Des défis techniques, économiques et réglementaires
L’absence de ces poids lourds ne s’explique pas uniquement par des rivalités commerciales. Les défis liés à l’interopérabilité sont colossaux.
Le casse-tête de la cybersécurité
Chaque connexion entre systèmes financiers constitue une potentielle faille. Dans une région où la cybercriminalité explose, une brèche dans la plateforme pourrait compromettre des millions de données sensibles. Les API – ces passerelles informatiques censées faire dialoguer les systèmes – doivent être harmonisées et sécurisées, une tâche titanesque.
Une équation économique délicate
L’interopérabilité menace mécaniquement les marges des opérateurs dominants. Un géant du mobile money qui détient 70 % des transactions dans un pays n’a aucun intérêt à ouvrir son réseau à la concurrence. Trouver une grille tarifaire qui satisfasse à la fois banques, fintechs et télécoms relève donc de la quadrature du cercle.
Un labyrinthe réglementaire
Chaque institution devra assurer chiffrement, traçabilité et authentification des flux. À l’échelle régionale, l’harmonisation des règles reste un casse-tête, alors que les pays de l’UEMOA affichent encore de fortes disparités technologiques et législatives.
Un enjeu stratégique majeur
Au-delà des défis techniques, l’interopérabilité touche à des enjeux stratégiques.
Inclusion financière : si les plateformes les plus utilisées par les populations rurales restent en dehors du système, l’objectif d’élargir l’accès aux services financiers restera lettre morte.
Souveraineté monétaire : la BCEAO espère reprendre la main face aux géants technologiques et aux opérateurs privés qui dominent le marché. Mais sans adhésion universelle, le risque est de voir émerger un système dual – officiel mais sous-utilisé, face à des réseaux privés toujours plus puissants.
Compétitivité régionale : l’UEMOA veut rivaliser avec l’Afrique de l’Est, pionnière avec M-Pesa et des solutions d’interopérabilité précoces. Mais sans cohésion, le rêve d’un marché digital ouest-africain intégré restera théorique.

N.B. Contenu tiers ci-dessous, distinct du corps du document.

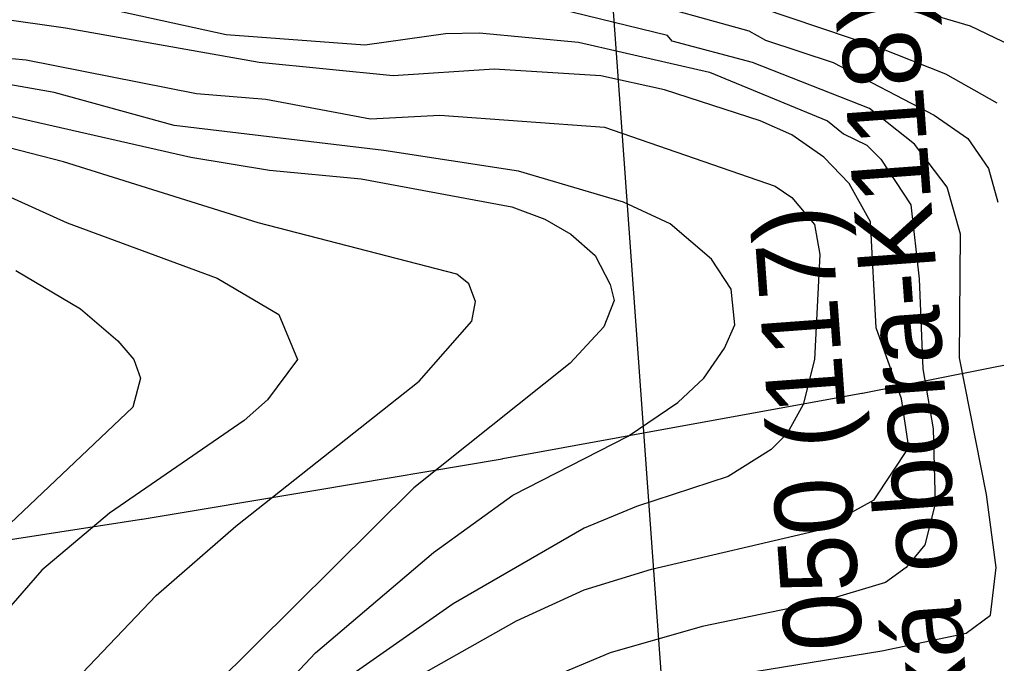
# Model space of a CAD drawing. Extents: x -758499 to -754160, y -1175205 to -1172032.
# Drawn here: x -757348.1 to -757197.5, y -1172996.9 to -1172897.7 of the extents above; entities that cross this region are included whole.
import ezdxf

# ---------------------------------------------------------------- set-up
doc = ezdxf.new("R2010")
doc.units = 0
for name, color, linetype in [('A102_LetVysk_op', 7, 'Continuous'), ('vrstevnice', 7, 'Continuous'), ('ÚSES NBK funkční', 7, 'Continuous')]:
    doc.layers.add(name, color=color, linetype=linetype)

msp = doc.modelspace()

# ---------------------------------------------------------------- linework, layer by layer
at = {"layer": 'A102_LetVysk_op'}
for p, q in [((-757218.14, -1172955.23), (-757190.36, -1172949.76)), ((-757246.25, -1172960.36), (-757218.26, -1172955.25)), ((-757218.26, -1172955.25), (-757218.14, -1172955.23)), ((-757273.58, -1172965.34), (-757246.25, -1172960.36)), ((-757302.4, -1172970.18), (-757273.7, -1172965.36)), ((-757273.7, -1172965.36), (-757273.58, -1172965.34)), ((-757329.17, -1172974.67), (-757302.4, -1172970.18)), ((-757357.3, -1172978.99), (-757329.28, -1172974.69)), ((-757329.28, -1172974.69), (-757329.17, -1172974.67))]:
    msp.add_line(p, q, dxfattribs=at)
at = {"layer": 'vrstevnice'}
for p, q in [((-757245.39, -1172885.7), (-757201.56, -1172898.63)), ((-757257.89, -1172887.72), (-757215.46, -1172902.01)), ((-757257.89, -1172887.72), (-757215.46, -1172902.01)), ((-757264.24, -1172891.47), (-757235.66, -1172899.41)), ((-757264.24, -1172891.47), (-757235.66, -1172899.41)), ((-757248.22, -1172900.13), (-757271.17, -1172894.5)), ((-757248.22, -1172900.13), (-757271.17, -1172894.5)), ((-757341.02, -1172898.98), (-757356.61, -1172896.81)), ((-757335.97, -1172895.66), (-757316.26, -1172899.98)), ((-757335.97, -1172895.66), (-757316.26, -1172899.98)), ((-757201.56, -1172898.63), (-757193.44, -1172902.52)), ((-757311.17, -1172904.32), (-757341.02, -1172898.98)), ((-757316.26, -1172899.98), (-757294.84, -1172901.57)), ((-757316.26, -1172899.98), (-757294.84, -1172901.57)), ((-757294.84, -1172901.57), (-757282.43, -1172899.84)), ((-757294.84, -1172901.57), (-757282.43, -1172899.84)), ((-757282.43, -1172899.84), (-757277.23, -1172899.7)), ((-757282.43, -1172899.84), (-757277.23, -1172899.7)), ((-757277.23, -1172899.7), (-757261.93, -1172901.14)), ((-757277.23, -1172899.7), (-757261.93, -1172901.14)), ((-757247.5, -1172901), (-757248.22, -1172900.13)), ((-757247.5, -1172901), (-757248.22, -1172900.13)), ((-757235.66, -1172899.41), (-757233.07, -1172900.85)), ((-757235.66, -1172899.41), (-757233.07, -1172900.85)), ((-757261.93, -1172901.14), (-757241.73, -1172905.76)), ((-757261.93, -1172901.14), (-757241.73, -1172905.76)), ((-757235.09, -1172904.32), (-757247.5, -1172901)), ((-757235.09, -1172904.32), (-757247.5, -1172901)), ((-757233.07, -1172900.85), (-757222.68, -1172904.32)), ((-757233.07, -1172900.85), (-757222.68, -1172904.32)), ((-757359.21, -1172902.73), (-757347.08, -1172903.88)), ((-757359.21, -1172902.73), (-757347.08, -1172903.88)), ((-757215.46, -1172902.01), (-757205.36, -1172906.05)), ((-757215.46, -1172902.01), (-757205.36, -1172906.05)), ((-757347.08, -1172903.88), (-757320.82, -1172909.08)), ((-757347.08, -1172903.88), (-757320.82, -1172909.08)), ((-757290.51, -1172906.34), (-757311.17, -1172904.32)), ((-757217.05, -1172911.39), (-757235.09, -1172904.32)), ((-757217.05, -1172911.39), (-757235.09, -1172904.32)), ((-757222.68, -1172904.32), (-757207.09, -1172912.4)), ((-757222.68, -1172904.32), (-757207.09, -1172912.4)), ((-757342.75, -1172908.93), (-757358.92, -1172906.05)), ((-757342.75, -1172908.93), (-757358.92, -1172906.05)), ((-757274.92, -1172905.33), (-757290.51, -1172906.34)), ((-757258.47, -1172906.34), (-757274.92, -1172905.33)), ((-757241.73, -1172905.76), (-757223.54, -1172913.26)), ((-757241.73, -1172905.76), (-757223.54, -1172913.26)), ((-757205.36, -1172906.05), (-757197.42, -1172910.52)), ((-757205.36, -1172906.05), (-757197.42, -1172910.52)), ((-757248.65, -1172908.5), (-757258.47, -1172906.34)), ((-757324.28, -1172913.99), (-757342.75, -1172908.93)), ((-757324.28, -1172913.99), (-757342.75, -1172908.93)), ((-757320.82, -1172909.08), (-757310.14, -1172909.94)), ((-757320.82, -1172909.08), (-757310.14, -1172909.94)), ((-757233.93, -1172913.26), (-757248.65, -1172908.5)), ((-757310.14, -1172909.94), (-757293.97, -1172912.98)), ((-757310.14, -1172909.94), (-757293.97, -1172912.98)), ((-757356.03, -1172911.1), (-757321.68, -1172918.89)), ((-757356.03, -1172911.1), (-757321.68, -1172918.89)), ((-757210.12, -1172916.87), (-757217.05, -1172911.39)), ((-757210.12, -1172916.87), (-757217.05, -1172911.39)), ((-757293.97, -1172912.98), (-757283.29, -1172912.4)), ((-757293.97, -1172912.98), (-757283.29, -1172912.4)), ((-757283.29, -1172912.4), (-757257.89, -1172914.27)), ((-757283.29, -1172912.4), (-757257.89, -1172914.27)), ((-757229.03, -1172915.43), (-757233.93, -1172913.26)), ((-757223.54, -1172913.26), (-757221.09, -1172915.28)), ((-757223.54, -1172913.26), (-757221.09, -1172915.28)), ((-757207.09, -1172912.4), (-757201.89, -1172916.01)), ((-757207.09, -1172912.4), (-757201.89, -1172916.01)), ((-757291.95, -1172917.88), (-757324.28, -1172913.99)), ((-757291.95, -1172917.88), (-757324.28, -1172913.99)), ((-757257.89, -1172914.27), (-757231.62, -1172923.37)), ((-757257.89, -1172914.27), (-757231.62, -1172923.37)), ((-757341.31, -1172919.61), (-757355.16, -1172916.01)), ((-757341.31, -1172919.61), (-757355.16, -1172916.01)), ((-757224.12, -1172918.89), (-757229.03, -1172915.43)), ((-757221.09, -1172915.28), (-757217.48, -1172917.02)), ((-757221.09, -1172915.28), (-757217.48, -1172917.02)), ((-757201.89, -1172916.01), (-757198.72, -1172920.62)), ((-757201.89, -1172916.01), (-757198.72, -1172920.62)), ((-757271.17, -1172921.06), (-757291.95, -1172917.88)), ((-757271.17, -1172921.06), (-757291.95, -1172917.88)), ((-757217.48, -1172917.02), (-757215.32, -1172919.18)), ((-757217.48, -1172917.02), (-757215.32, -1172919.18)), ((-757205.07, -1172923.51), (-757210.12, -1172916.87)), ((-757205.07, -1172923.51), (-757210.12, -1172916.87)), ((-757311.29, -1172928.99), (-757341.31, -1172919.61)), ((-757311.29, -1172928.99), (-757341.31, -1172919.61)), ((-757321.68, -1172918.89), (-757309.56, -1172920.91)), ((-757321.68, -1172918.89), (-757309.56, -1172920.91)), ((-757220.22, -1172922.93), (-757224.12, -1172918.89)), ((-757215.32, -1172919.18), (-757210.7, -1172926.25)), ((-757215.32, -1172919.18), (-757210.7, -1172926.25)), ((-757309.56, -1172920.91), (-757295.41, -1172922.21)), ((-757309.56, -1172920.91), (-757295.41, -1172922.21)), ((-757255, -1172925.82), (-757271.17, -1172921.06)), ((-757255, -1172925.82), (-757271.17, -1172921.06)), ((-757198.72, -1172920.62), (-757197.27, -1172925.82)), ((-757198.72, -1172920.62), (-757197.27, -1172925.82)), ((-757295.41, -1172922.21), (-757272.18, -1172926.54)), ((-757295.41, -1172922.21), (-757272.18, -1172926.54)), ((-757231.62, -1172923.37), (-757229.03, -1172925.1)), ((-757231.62, -1172923.37), (-757229.03, -1172925.1)), ((-757216.9, -1172928.85), (-757220.22, -1172922.93)), ((-757203.05, -1172930.73), (-757205.07, -1172923.51)), ((-757203.05, -1172930.73), (-757205.07, -1172923.51)), ((-757351.15, -1172924.35), (-757340.73, -1172928.99)), ((-757229.03, -1172925.1), (-757225.56, -1172929.28)), ((-757229.03, -1172925.1), (-757225.56, -1172929.28)), ((-757272.18, -1172926.54), (-757267.13, -1172928.42)), ((-757272.18, -1172926.54), (-757267.13, -1172928.42)), ((-757247.79, -1172929.14), (-757255, -1172925.82)), ((-757247.79, -1172929.14), (-757255, -1172925.82)), ((-757210.7, -1172926.25), (-757209.4, -1172937.65)), ((-757210.7, -1172926.25), (-757209.4, -1172937.65)), ((-757267.13, -1172928.42), (-757263.09, -1172930.73)), ((-757267.13, -1172928.42), (-757263.09, -1172930.73)), ((-757340.73, -1172928.99), (-757317.64, -1172937.51)), ((-757280.69, -1172936.93), (-757311.29, -1172928.99)), ((-757280.69, -1172936.93), (-757311.29, -1172928.99)), ((-757241.44, -1172934.62), (-757247.79, -1172929.14)), ((-757241.44, -1172934.62), (-757247.79, -1172929.14)), ((-757225.56, -1172929.28), (-757224.7, -1172933.9)), ((-757225.56, -1172929.28), (-757224.7, -1172933.9)), ((-757216.04, -1172945.16), (-757216.9, -1172928.85)), ((-757263.09, -1172930.73), (-757259.33, -1172934.05)), ((-757263.09, -1172930.73), (-757259.33, -1172934.05)), ((-757203.19, -1172949.78), (-757203.05, -1172930.73)), ((-757203.19, -1172949.78), (-757203.05, -1172930.73)), ((-757259.33, -1172934.05), (-757257.02, -1172938.52)), ((-757259.33, -1172934.05), (-757257.02, -1172938.52)), ((-757238.41, -1172939.24), (-757241.44, -1172934.62)), ((-757238.41, -1172939.24), (-757241.44, -1172934.62)), ((-757224.7, -1172933.9), (-757225.56, -1172950.07)), ((-757224.7, -1172933.9), (-757225.56, -1172950.07)), ((-757348.67, -1172936.36), (-757338.71, -1172942.27)), ((-757348.67, -1172936.36), (-757338.71, -1172942.27)), ((-757317.64, -1172937.51), (-757308.12, -1172943.14)), ((-757278.82, -1172938.38), (-757280.69, -1172936.93)), ((-757278.82, -1172938.38), (-757280.69, -1172936.93)), ((-757209.4, -1172937.65), (-757208.82, -1172951.51)), ((-757209.4, -1172937.65), (-757208.82, -1172951.51)), ((-757277.81, -1172941.12), (-757278.82, -1172938.38)), ((-757277.81, -1172941.12), (-757278.82, -1172938.38)), ((-757257.02, -1172938.52), (-757256.45, -1172940.97)), ((-757257.02, -1172938.52), (-757256.45, -1172940.97)), ((-757237.83, -1172944.73), (-757238.41, -1172939.24)), ((-757237.83, -1172944.73), (-757238.41, -1172939.24)), ((-757338.71, -1172942.27), (-757332.94, -1172947.18)), ((-757338.71, -1172942.27), (-757332.94, -1172947.18)), ((-757278.38, -1172944.15), (-757277.81, -1172941.12)), ((-757278.38, -1172944.15), (-757277.81, -1172941.12)), ((-757256.45, -1172940.97), (-757258.03, -1172945.01)), ((-757256.45, -1172940.97), (-757258.03, -1172945.01)), ((-757308.12, -1172943.14), (-757305.23, -1172950.07)), ((-757286.47, -1172953.39), (-757278.38, -1172944.15)), ((-757286.47, -1172953.39), (-757278.38, -1172944.15)), ((-757258.03, -1172945.01), (-757263.23, -1172950.64)), ((-757258.03, -1172945.01), (-757263.23, -1172950.64)), ((-757239.42, -1172948.33), (-757237.83, -1172944.73)), ((-757239.42, -1172948.33), (-757237.83, -1172944.73)), ((-757212.14, -1172956.13), (-757216.04, -1172945.16)), ((-757332.94, -1172947.18), (-757330.48, -1172950.07)), ((-757332.94, -1172947.18), (-757330.48, -1172950.07)), ((-757242.59, -1172952.95), (-757239.42, -1172948.33)), ((-757242.59, -1172952.95), (-757239.42, -1172948.33)), ((-757199.01, -1172970.85), (-757203.19, -1172949.78)), ((-757199.01, -1172970.85), (-757203.19, -1172949.78)), ((-757330.48, -1172950.07), (-757329.47, -1172952.95)), ((-757330.48, -1172950.07), (-757329.47, -1172952.95)), ((-757305.23, -1172950.07), (-757309.85, -1172956.27)), ((-757263.23, -1172950.64), (-757287.33, -1172969.84)), ((-757263.23, -1172950.64), (-757287.33, -1172969.84)), ((-757225.56, -1172950.07), (-757227.29, -1172956.99)), ((-757225.56, -1172950.07), (-757227.29, -1172956.99)), ((-757208.82, -1172951.51), (-757207.23, -1172960.75)), ((-757208.82, -1172951.51), (-757207.23, -1172960.75)), ((-757329.47, -1172952.95), (-757330.63, -1172957.43)), ((-757329.47, -1172952.95), (-757330.63, -1172957.43)), ((-757314.75, -1172975.76), (-757286.47, -1172953.39)), ((-757314.75, -1172975.76), (-757286.47, -1172953.39)), ((-757246.63, -1172956.7), (-757242.59, -1172952.95)), ((-757246.63, -1172956.7), (-757242.59, -1172952.95)), ((-757309.85, -1172956.27), (-757313.45, -1172959.45)), ((-757254.28, -1172961.9), (-757246.63, -1172956.7)), ((-757254.28, -1172961.9), (-757246.63, -1172956.7)), ((-757227.29, -1172956.99), (-757229.75, -1172961.47)), ((-757227.29, -1172956.99), (-757229.75, -1172961.47)), ((-757210.99, -1172963.63), (-757212.14, -1172956.13)), ((-757330.63, -1172957.43), (-757352.42, -1172978.06)), ((-757330.63, -1172957.43), (-757352.42, -1172978.06)), ((-757313.45, -1172959.45), (-757334.24, -1172973.73)), ((-757272.03, -1172970.99), (-757254.28, -1172961.9)), ((-757272.03, -1172970.99), (-757254.28, -1172961.9)), ((-757229.75, -1172961.47), (-757232.2, -1172963.92)), ((-757229.75, -1172961.47), (-757232.2, -1172963.92)), ((-757207.23, -1172960.75), (-757206.94, -1172972.29)), ((-757207.23, -1172960.75), (-757206.94, -1172972.29)), ((-757232.2, -1172963.92), (-757238.84, -1172968.11)), ((-757232.2, -1172963.92), (-757238.84, -1172968.11)), ((-757216.33, -1172971.71), (-757210.99, -1172963.63)), ((-757238.84, -1172968.11), (-757252.98, -1172972.72)), ((-757238.84, -1172968.11), (-757252.98, -1172972.72)), ((-757287.33, -1172969.84), (-757322.4, -1173004.62)), ((-757287.33, -1172969.84), (-757322.4, -1173004.62)), ((-757197.56, -1172982.11), (-757199.01, -1172970.85)), ((-757197.56, -1172982.11), (-757199.01, -1172970.85)), ((-757284.3, -1172979.8), (-757272.03, -1172970.99)), ((-757284.3, -1172979.8), (-757272.03, -1172970.99)), ((-757224.7, -1172976.33), (-757216.33, -1172971.71)), ((-757206.94, -1172972.29), (-757208.53, -1172978.64)), ((-757206.94, -1172972.29), (-757208.53, -1172978.64)), ((-757334.24, -1172973.73), (-757344.63, -1172982.54)), ((-757252.98, -1172972.72), (-757261.07, -1172976.04)), ((-757252.98, -1172972.72), (-757261.07, -1172976.04)), ((-757327.02, -1172986.44), (-757314.75, -1172975.76)), ((-757327.02, -1172986.44), (-757314.75, -1172975.76)), ((-757261.07, -1172976.04), (-757281.27, -1172987.73)), ((-757261.07, -1172976.04), (-757281.27, -1172987.73)), ((-757250.67, -1172982.39), (-757224.7, -1172976.33)), ((-757302.49, -1172995.24), (-757284.3, -1172979.8)), ((-757302.49, -1172995.24), (-757284.3, -1172979.8)), ((-757208.53, -1172978.64), (-757211.42, -1172982.11)), ((-757208.53, -1172978.64), (-757211.42, -1172982.11)), ((-757344.63, -1172982.54), (-757356.17, -1172995.67)), ((-757261.07, -1172985.57), (-757250.67, -1172982.39)), ((-757211.42, -1172982.11), (-757214.59, -1172984.41)), ((-757211.42, -1172982.11), (-757214.59, -1172984.41)), ((-757198.43, -1172989.47), (-757197.56, -1172982.11)), ((-757198.43, -1172989.47), (-757197.56, -1172982.11)), ((-757214.59, -1172984.41), (-757224.7, -1172987.45)), ((-757214.59, -1172984.41), (-757224.7, -1172987.45)), ((-757271.46, -1172990.33), (-757261.07, -1172985.57)), ((-757339.43, -1172999.42), (-757327.02, -1172986.44)), ((-757339.43, -1172999.42), (-757327.02, -1172986.44)), ((-757224.7, -1172987.45), (-757242.88, -1172991.2)), ((-757224.7, -1172987.45), (-757242.88, -1172991.2)), ((-757281.27, -1172987.73), (-757296.14, -1172998.13)), ((-757281.27, -1172987.73), (-757296.14, -1172998.13)), ((-757287.04, -1172999.14), (-757271.46, -1172990.33)), ((-757202.18, -1172992.21), (-757198.43, -1172989.47)), ((-757202.18, -1172992.21), (-757198.43, -1172989.47)), ((-757242.88, -1172991.2), (-757257.02, -1172995.24)), ((-757242.88, -1172991.2), (-757257.02, -1172995.24)), ((-757215.17, -1172994.95), (-757202.18, -1172992.21)), ((-757215.17, -1172994.95), (-757202.18, -1172992.21)), ((-757245.48, -1172999.86), (-757215.17, -1172994.95)), ((-757245.48, -1172999.86), (-757215.17, -1172994.95)), ((-757313.74, -1173007.22), (-757302.49, -1172995.24)), ((-757313.74, -1173007.22), (-757302.49, -1172995.24)), ((-757257.02, -1172995.24), (-757271.17, -1173001.16)), ((-757257.02, -1172995.24), (-757271.17, -1173001.16))]:
    msp.add_line(p, q, dxfattribs=at)
at = {"layer": 'ÚSES NBK funkční'}
msp.add_line((-757259.28, -1172858.71), (-757239.9, -1173127.24), dxfattribs=at)

# ---------------------------------------------------------------- texts
for s, p in [('(Hlubocká obora-K118)', (-757197.8, -1173059.01)), ('NBK 050 (117)', (-757215.35, -1173031.88))]:
    msp.add_text(s, height=12, rotation=94.1751, dxfattribs=at).set_placement(p)

doc.saveas('drawing.dxf')
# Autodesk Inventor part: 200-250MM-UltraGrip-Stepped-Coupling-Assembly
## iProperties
Created: 2012-05
Part Number: 200-250MM-UltraGrip-Stepped-Coupling-Assembly
Document SubType Name: Modeling
Designer: D Cole
Density: 1 g/cm^3
Author: D Cole
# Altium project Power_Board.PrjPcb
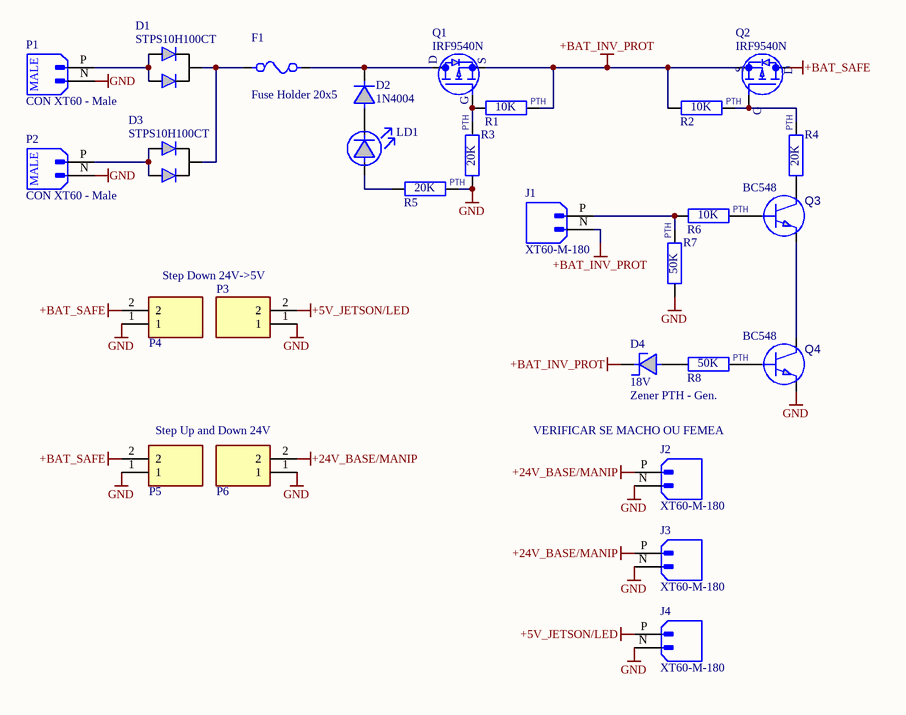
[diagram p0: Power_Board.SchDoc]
1 sheet, 28 parts. Net scope: global (net labels, ports and power ports of the same name join across sheets).
Board file: Power_Board_PCB.PcbDoc

## Sheet Power_Board.SchDoc: Omnicare Power Board
size A4; Author: Thiago M.; DrawnBy: Thiago M.; SheetNumber: 1; SheetTotal: 1

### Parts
D1  STPS10H100CT  [TO-220AB]
D2  1N4004  [DO41]
D3  STPS10H100CT  [TO-220AB]
D4  Zener PTH - Gen.  value 18V  [DO41 - Zener]
F1  Fuse Holder 20x5  [FUSE HOLDER 20x5]
J1  XT60-M-180  [AMASS_XT60-M]
J2  XT60-M-180  [AMASS_XT60-M]
J3  XT60-M-180  [AMASS_XT60-M]
J4  XT60-M-180  [AMASS_XT60-M]
LD1  LED PTH - Gen.  [DO41]  (value not drawn)
P1  CON XT60 - Male  [CON XT60 MALE]
P2  CON XT60 - Male  [CON XT60 MALE]
P3  CON KF2 EDGRC-5.08-02P  [BORNE 5.08 RA 2P]  (value not drawn)
P4  CON KF2 EDGRC-5.08-02P  [BORNE 5.08 RA 2P]  (value not drawn)
P5  CON KF2 EDGRC-5.08-02P  [BORNE 5.08 RA 2P]  (value not drawn)
P6  CON KF2 EDGRC-5.08-02P  [BORNE 5.08 RA 2P]  (value not drawn)
Q1  IRF9540N  [TO-220AB]
Q2  IRF9540N  [TO-220AB]
Q3  BC548  [TO-92 LPM]  (value not drawn)
Q4  BC548  [TO-92 LPM]  (value not drawn)
R1  10K  [RES PTH]
R2  10K  [RES PTH]
R3  20K  [RES PTH]
R4  20K  [RES PTH]
R5  20K  [RES PTH]
R6  10K  [RES PTH]
R7  50K  [RES PTH]
R8  50K  [RES PTH]

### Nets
+5V_JETSON/LED: J4.P(POS) P3.2
+24V_BASE/MANIP: J2.P(POS) J3.P(POS) P6.2
+BAT_INV_PROT: D4.1(K) J1.N(NEG) Q1.3(S) Q2.3(S) R1.1 R2.2
+BAT_SAFE: P4.2 P5.2 Q2.2(D)
GND: J2.N(NEG) J3.N(NEG) J4.N(NEG) P1.N(NEG) P2.N(NEG) P3.1 P4.1 P5.1 P6.1 Q4.3(E) R3.2 R5.1 R7.2
NetD1_1: D1.1(A1) D1.3(A2) P1.P(POS)
NetD1_2: D1.2(K) D3.2(K) F1.1
NetD2_1: D2.1(K) F1.2 Q1.2(D)
NetD2_2: D2.2(A) LD1.1(K)
NetD3_1: D3.1(A1) D3.3(A2) P2.P(POS)
NetD4_2: D4.2(A) R8.2
NetJ1_P: J1.P(POS) R6.2 R7.1
NetLD1_2: LD1.2(A) R5.2
NetQ1_1: Q1.1(G) R1.2 R3.1
NetQ2_1: Q2.1(G) R2.1 R4.1
NetQ3_1: Q3.1(C) R4.2
NetQ3_2: Q3.2(B) R6.1
NetQ3_3: Q3.3(E) Q4.1(C)
NetQ4_2: Q4.2(B) R8.1

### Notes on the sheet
- Step Down 24V->5V
- Step Up and Down 24V
- (near J2) VERIFICAR SE MACHO OU FEMEA

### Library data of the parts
D1 D3 = STPS10H100CT: Diodo Schottky de 2x5A e 100V de corrente reversa
D2 = 1N4004: DIODE - PTH 400V 1A; Vf: 1.1V
D4 = Zener PTH - Gen.: DIODE - PTH Zener generic
J1-J4 = CMP-004-000000-5: Plug; DC supply; XT60; male; PIN: 2; for cable; soldered; 30A; 500V; MP: XT60-M; MF: AMASS
LD1 = LED PTH - Gen.: Generic PTH Led
P3-P6 = CON KF2 EDGRC-5.08-02P: CONECTOR - Borne 2 Vias Macho Passo 5.08mm 90º KF2 EDGRC-5.08-02P Fechado.
Q1 Q2 = IRF9540N: Mosfet PMOS PTH - 23A Id; Id: -22A; Vgs Max: 20V; Vth: -10V
Q3 Q4 = BC548: TRANSISTOR -  TBJ NPN
R1-R8 = RES PTH - Gen.: Generic PTH resistor for general purpose

Sortir de l’impasse : quelles solutions ?
Pour transformer ce pari risqué en succès, plusieurs pistes se dessinent :
– Organiser un dialogue inclusif avec tous les acteurs, y compris les absents, pour identifier blocages et solutions.
– Renforcer massivement la cybersécurité, avec audits réguliers et protocoles d’urgence.
– Mettre en place un modèle économique équitable, via des tarifs dégressifs ou un fonds de compensation.
– Déployer progressivement la plateforme, en intégrant les acteurs volontaires d’abord, puis les récalcitrants.
– Harmoniser le cadre juridique régional, notamment sur la protection des données et la responsabilité en cas de fraude.
– Lancer une campagne d’éducation financière pour convaincre les populations et bâtir la confiance.
Une marche forcée vers l’avenir
L’interopérabilité n’est pas un luxe, mais une nécessité stratégique pour l’Afrique de l’Ouest. Elle pourrait libérer le potentiel de 209 millions de comptes, faciliter la vie des commerçants, des travailleurs migrants, des agriculteurs et consolider la souveraineté financière régionale.
Mais une innovation ne vaut que par l’adhésion de tous ses acteurs. La BCEAO se trouve face à un choix : imposer sa vision, au risque d’un rejet massif, ou co-construire un modèle plus inclusif.
Dans un écosystème aussi sensible que celui des paiements, l’histoire récente a prouvé que les succès les plus durables – comme M-Pesa au Kenya – sont nés d’une alliance entre régulateurs et acteurs privés. L’interopérabilité BCEAO mérite la même alchimie. Car dans ce pari à double face, l’avenir dira si la zone UEMOA a posé la première pierre d’une révolution financière, ou si elle a ouvert une brèche qui fragilise encore davantage son édifice monétaire.